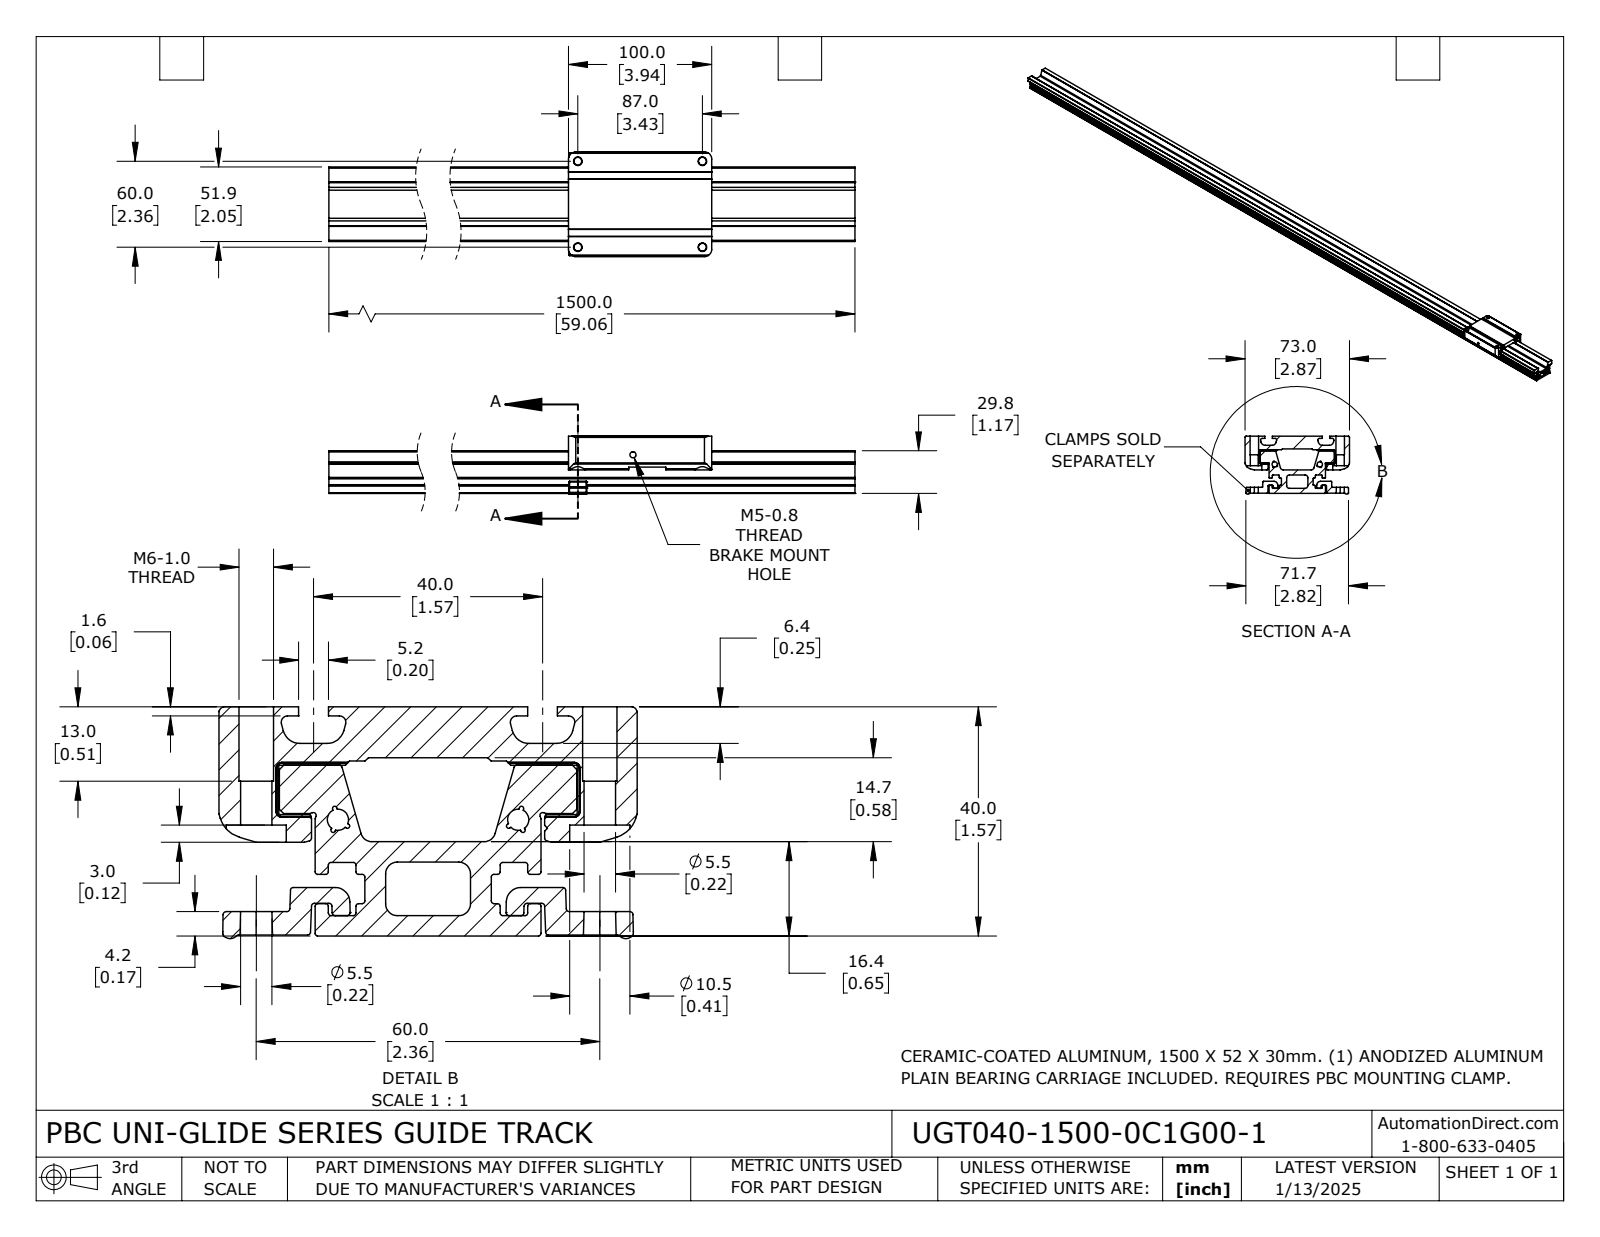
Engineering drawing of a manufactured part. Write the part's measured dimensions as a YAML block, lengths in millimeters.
part_name: "UGT040-1500-0C1G00-1_RAIL; UGT040-1500-0C1G00-1_CARRIAGE; UGT040-1500-0C1G00-1"
step_written_by: "SolidWorks 2023 (CONFIG_CONTROL_DESIGN)"
units: millimeters
bodies: {solids: 10, faces: 445, planar: 248, cylindrical: 178, other: 19}
overall_size: [1500, 73, 40]
volume: 1043000
surface_area: 497800
round_holes:
  - {diameter: 2.5, count: 4}
  - {diameter: 3, count: 4}
  - {diameter: 5.5, count: 4}
  - {diameter: 6, count: 4}
  - {diameter: 10.5, count: 4}
  - {diameter: 3.7, count: 2}
  - {diameter: 4.2, count: 1}
partial_cylinders:
  - {radius: 0.5, count: 26}
  - {radius: 1, count: 8}
  - {radius: 2.4, count: 8}
  - {radius: 0.4, count: 6}
  - {radius: 5, count: 6}
  - {radius: 0.5, count: 4}
  - {radius: 0.9, count: 4}
  - {radius: 1.1, count: 4}
face_to_face_distances: [3.6, 12.9, 29.8, 16.5, 13.4, 26.2, 39.4, 6.2, 45.7, 9.3]
hole_center_spacings: [15, 31, 41, 46, 56, 58, 59.9, 60]
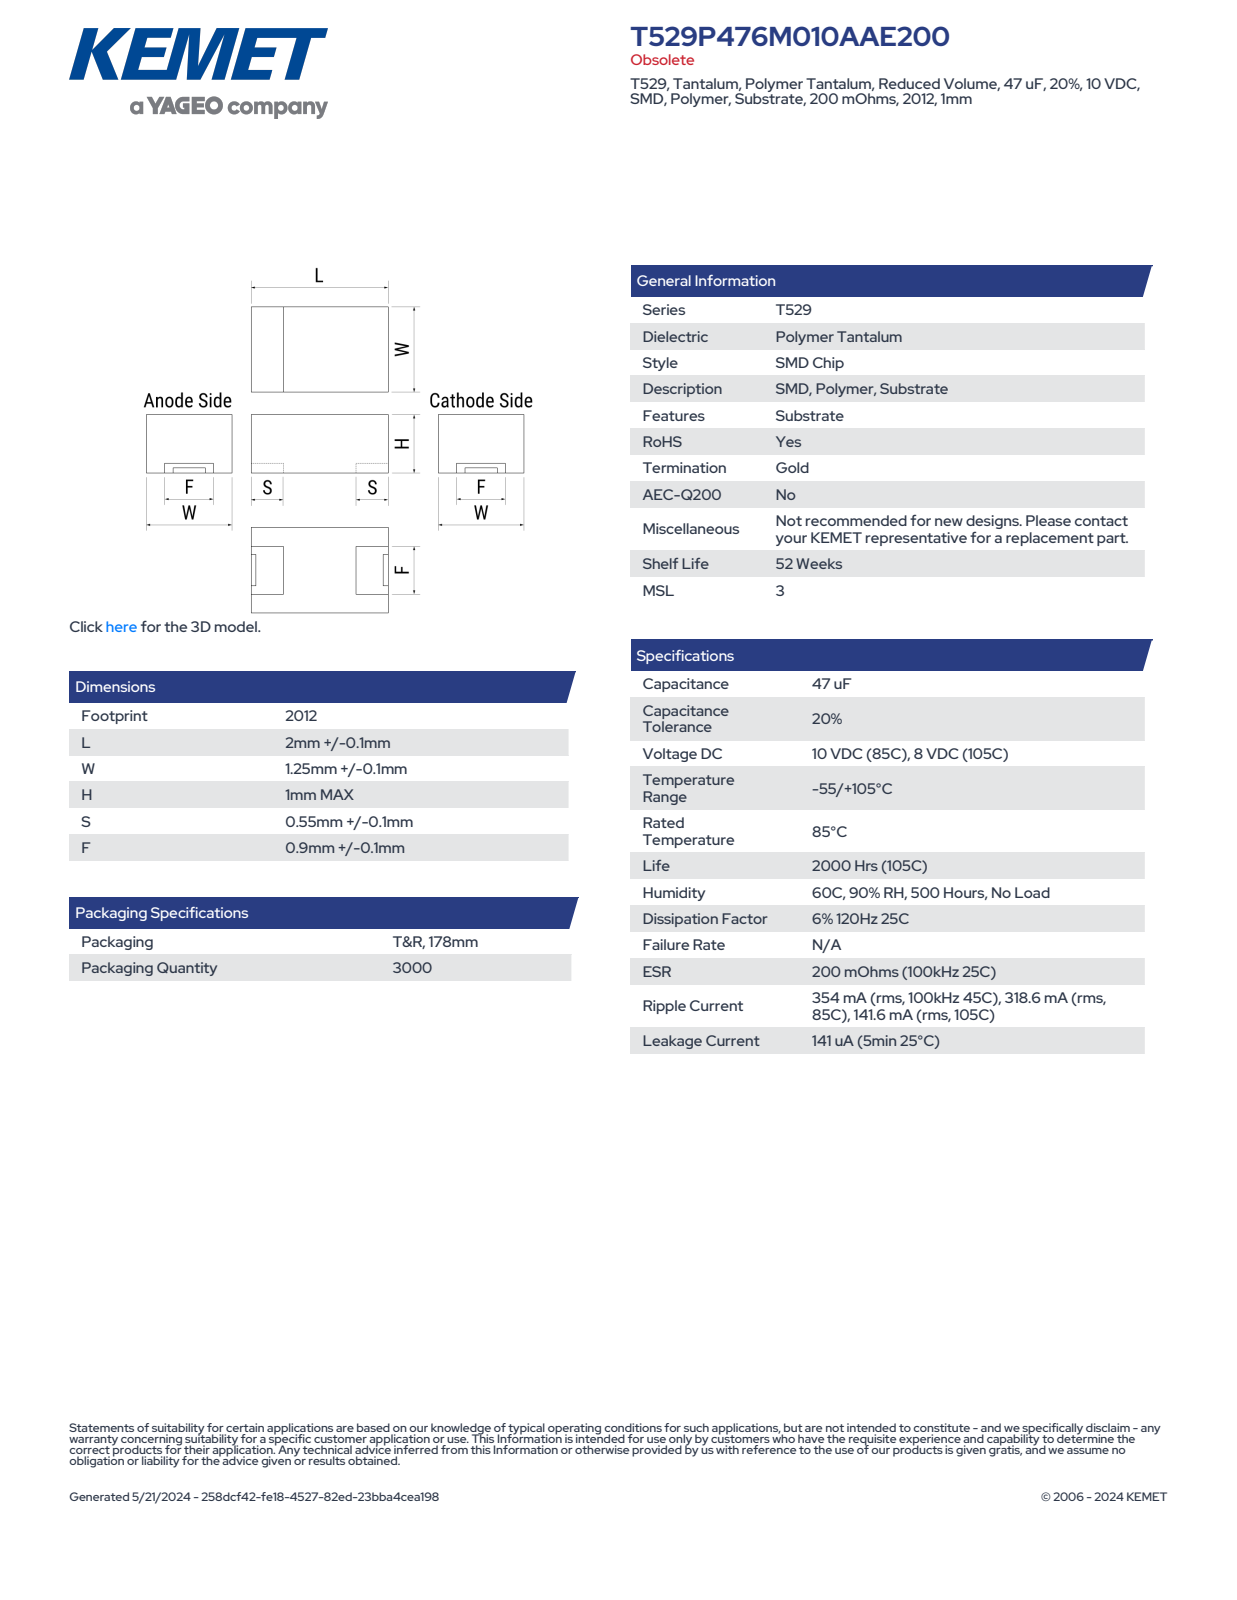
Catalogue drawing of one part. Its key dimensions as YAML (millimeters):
part_name: "T529_P-Case; Ta_SMT_P-Case_Anode+; CTSss2012P_L2W1.25H1S0.55F0.9; Ta_SMT_P-Case_SubstrateBoard (+1 more)"
step_written_by: "SolidWorks 2014 (AUTOMOTIVE_DESIGN)"
units: millimeters
bodies: {solids: 7, faces: 127, planar: 113, cylindrical: 10, other: 4}
overall_size: [2.1, 1.35, 1]
volume: 3
surface_area: 21
face_to_face_distances: [0.9, 1, 1.35, 2.1, 0.95, 0.85, 0.94, 1.12, 1.95, 1.4]
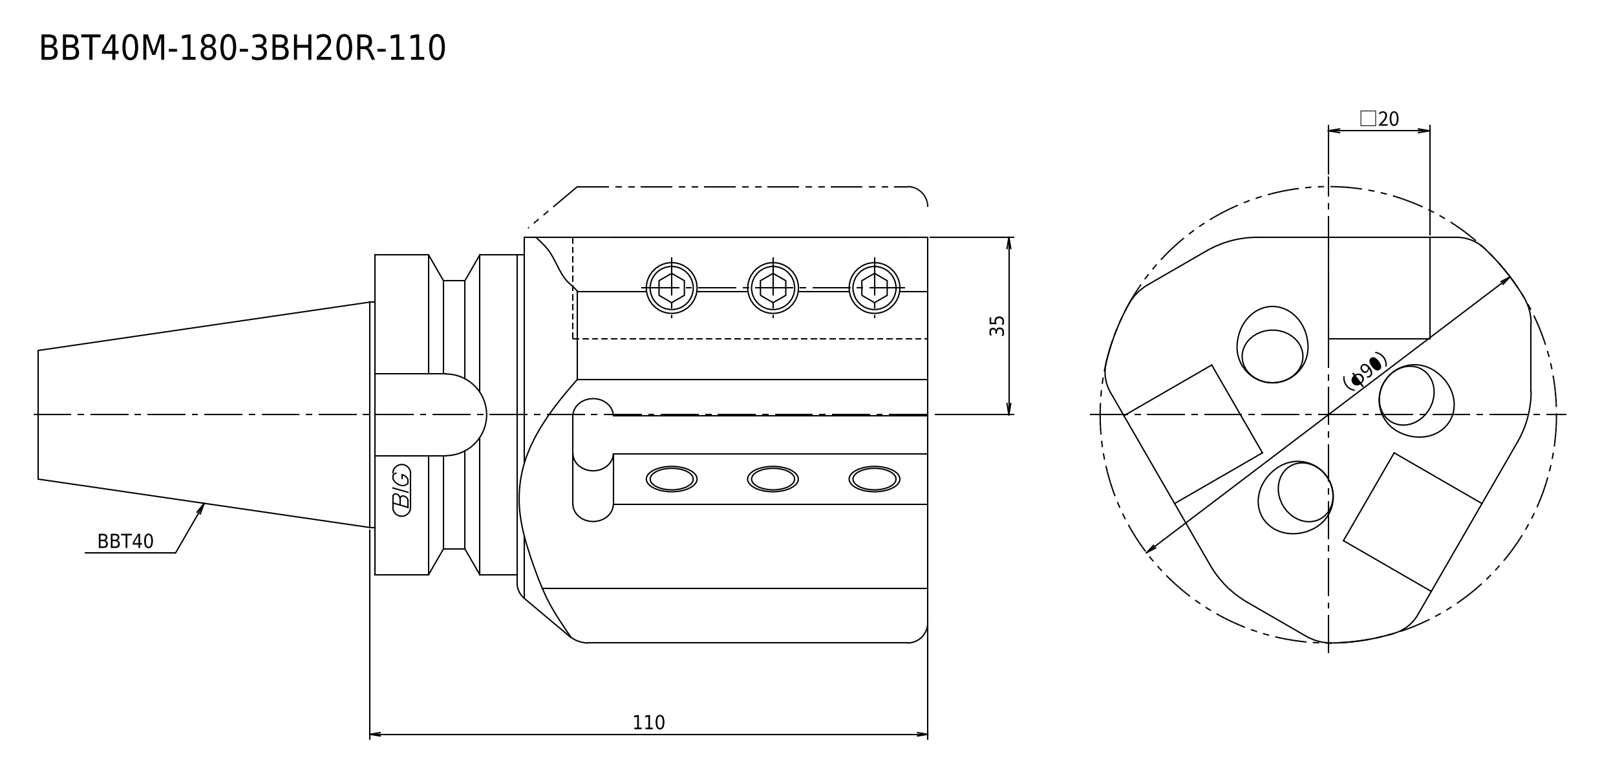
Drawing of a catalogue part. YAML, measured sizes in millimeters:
step_written_by: "Kubotek KeyCreator 2011 V10.0.2 (22737) (automotive_design)"
units: millimeters
bodies: {solids: 1, faces: 35, planar: 22, cylindrical: 7, other: 6}
overall_size: [175.4, 84.45, 80]
volume: 465290
surface_area: 51523
round_bosses_or_shafts:
  - {diameter: 63, count: 1}
  - {diameter: 53, count: 1}
  - {diameter: 44.45, count: 1}
partial_cylinders:
  - {radius: 45, count: 1}
face_to_face_distances: [20, 40, 109, 70, 39, 81, 11, 28, 175.4, 105.4]
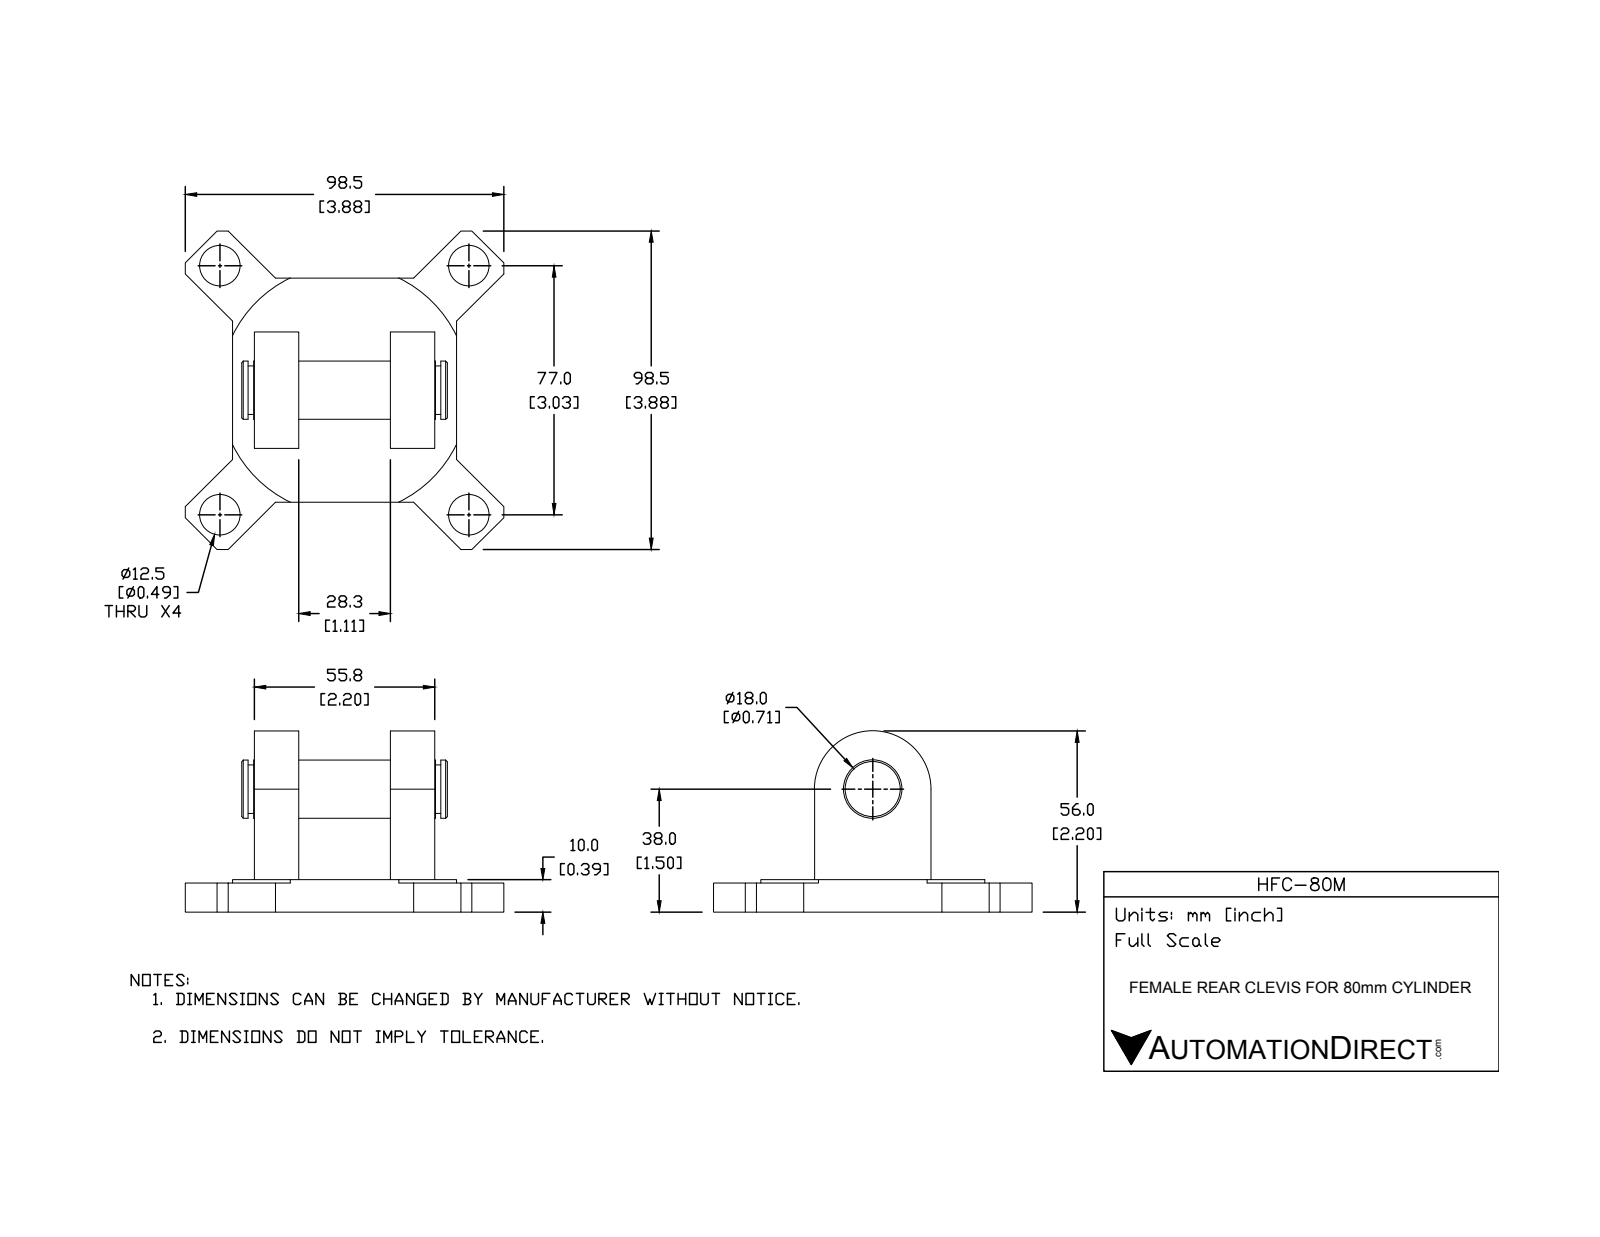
+++
* _What to produce_
Your copy of the material above should be exact and free of pictures.

* _Answer space_
Engineering drawing of a manufactured part. Write the part's measured dimensions as a YAML block, lengths in millimeters.
part_name: "UGT040-1500-0C1G00-1_RAIL; UGT040-1500-0C1G00-1_CARRIAGE; UGT040-1500-0C1G00-1"
step_written_by: "SolidWorks 2023 (CONFIG_CONTROL_DESIGN)"
units: millimeters
bodies: {solids: 10, faces: 445, planar: 248, cylindrical: 178, other: 19}
overall_size: [1500, 73, 40]
volume: 1043000
surface_area: 497800
round_holes:
  - {diameter: 2.5, count: 4}
  - {diameter: 3, count: 4}
  - {diameter: 5.5, count: 4}
  - {diameter: 6, count: 4}
  - {diameter: 10.5, count: 4}
  - {diameter: 3.7, count: 2}
  - {diameter: 4.2, count: 1}
partial_cylinders:
  - {radius: 0.5, count: 26}
  - {radius: 1, count: 8}
  - {radius: 2.4, count: 8}
  - {radius: 0.4, count: 6}
  - {radius: 5, count: 6}
  - {radius: 0.5, count: 4}
  - {radius: 0.9, count: 4}
  - {radius: 1.1, count: 4}
face_to_face_distances: [3.6, 12.9, 29.8, 16.5, 13.4, 26.2, 39.4, 6.2, 45.7, 9.3]
hole_center_spacings: [15, 31, 41, 46, 56, 58, 59.9, 60]
Catalogue drawing of one part. Its key dimensions as YAML (millimeters):
part_name: "T529_P-Case; Ta_SMT_P-Case_Anode+; CTSss2012P_L2W1.25H1S0.55F0.9; Ta_SMT_P-Case_SubstrateBoard (+1 more)"
step_written_by: "SolidWorks 2014 (AUTOMOTIVE_DESIGN)"
units: millimeters
bodies: {solids: 7, faces: 127, planar: 113, cylindrical: 10, other: 4}
overall_size: [2.1, 1.35, 1]
volume: 3
surface_area: 21
face_to_face_distances: [0.9, 1, 1.35, 2.1, 0.95, 0.85, 0.94, 1.12, 1.95, 1.4]
Drawing of a catalogue part. YAML, measured sizes in millimeters:
step_written_by: "Kubotek KeyCreator 2011 V10.0.2 (22737) (automotive_design)"
units: millimeters
bodies: {solids: 1, faces: 35, planar: 22, cylindrical: 7, other: 6}
overall_size: [175.4, 84.45, 80]
volume: 465290
surface_area: 51523
round_bosses_or_shafts:
  - {diameter: 63, count: 1}
  - {diameter: 53, count: 1}
  - {diameter: 44.45, count: 1}
partial_cylinders:
  - {radius: 45, count: 1}
face_to_face_distances: [20, 40, 109, 70, 39, 81, 11, 28, 175.4, 105.4]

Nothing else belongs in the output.